• MATERIAL FOR THE TASK:
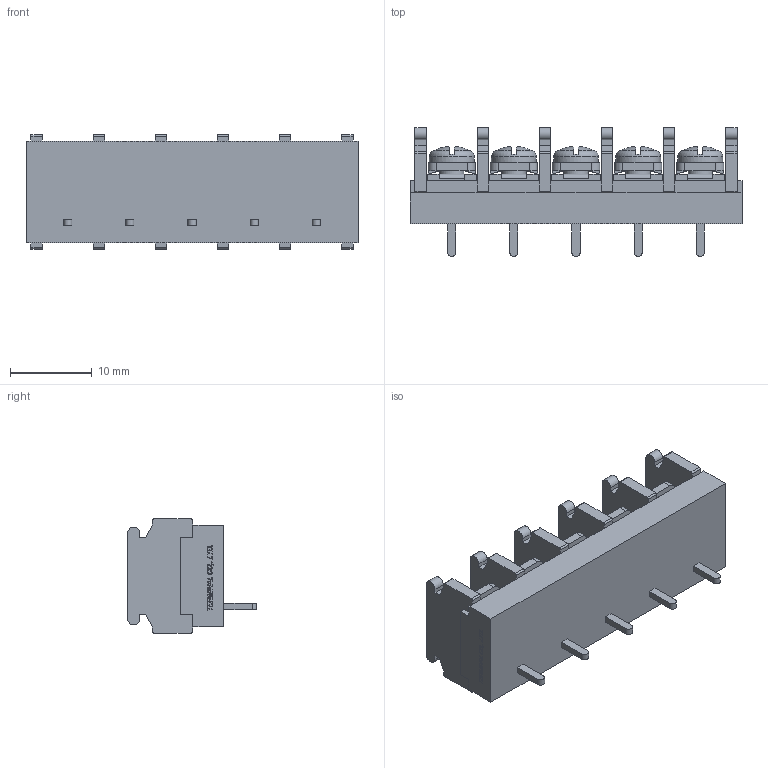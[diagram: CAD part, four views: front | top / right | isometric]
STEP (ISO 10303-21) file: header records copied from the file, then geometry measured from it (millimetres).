
FILE_DESCRIPTION(/* description */ ('Alibre Inc.'),/* implementation_level */ '2;1');
FILE_NAME(/* name */ 'export0',/* time_stamp */ '2015-10-23T19:25:43+09:00',/* author */ (''),/* organization */ (''),/* preprocessor_version */ 'ST-DEVELOPER v14',/* originating_system */ 'Alibre',/* authorisation */ '');
FILE_SCHEMA (('CONFIG_CONTROL_DESIGN'));
Length unit declared in the file: centimetre
Products named in the file (1): ID_1
Bounding box: 40.72 x 15.8 x 14 mm (x, y, z)
Volume: 3867.2 mm3; surface area: 3757.9 mm2
Topology: 1 solids, 1 shells, 972 faces, 2661 edges, 1751 vertices
Faces by surface type: plane 742, bspline 104, cylinder 86, cone 20, torus 10, sphere 10
Full cylindrical faces by diameter (mm): 3 x5, 5.5 x5
Entity records: 29428 total; most frequent: CARTESIAN_POINT 6618, ORIENTED_EDGE 5242, DIRECTION 3533, EDGE_CURVE 2621, VECTOR 1936, LINE 1936, VERTEX_POINT 1731, AXIS2_PLACEMENT_3D 1143

• EXERCISE OBJECTIVE:
Print the records above verbatim, minus any pictures.

• ANSWER SPACE:
[diagram: CAD part, four views: front | top / right | isometric]
STEP (ISO 10303-21) file: header records copied from the file, then geometry measured from it (millimetres).
FILE_DESCRIPTION(/* description */ ('Alibre Inc.'),/* implementation_level */ '2;1');
FILE_NAME(/* name */ 'export0',/* time_stamp */ '2015-10-23T19:25:43+09:00',/* author */ (''),/* organization */ (''),/* preprocessor_version */ 'ST-DEVELOPER v14',/* originating_system */ 'Alibre',/* authorisation */ '');
FILE_SCHEMA (('CONFIG_CONTROL_DESIGN'));
Length unit declared in the file: centimetre
Products named in the file (1): ID_1
Bounding box: 40.72 x 15.8 x 14 mm (x, y, z)
Volume: 3867.2 mm3; surface area: 3757.9 mm2
Topology: 1 solids, 1 shells, 972 faces, 2661 edges, 1751 vertices
Faces by surface type: plane 742, bspline 104, cylinder 86, cone 20, torus 10, sphere 10
Full cylindrical faces by diameter (mm): 3 x5, 5.5 x5
Entity records: 29428 total; most frequent: CARTESIAN_POINT 6618, ORIENTED_EDGE 5242, DIRECTION 3533, EDGE_CURVE 2621, VECTOR 1936, LINE 1936, VERTEX_POINT 1731, AXIS2_PLACEMENT_3D 1143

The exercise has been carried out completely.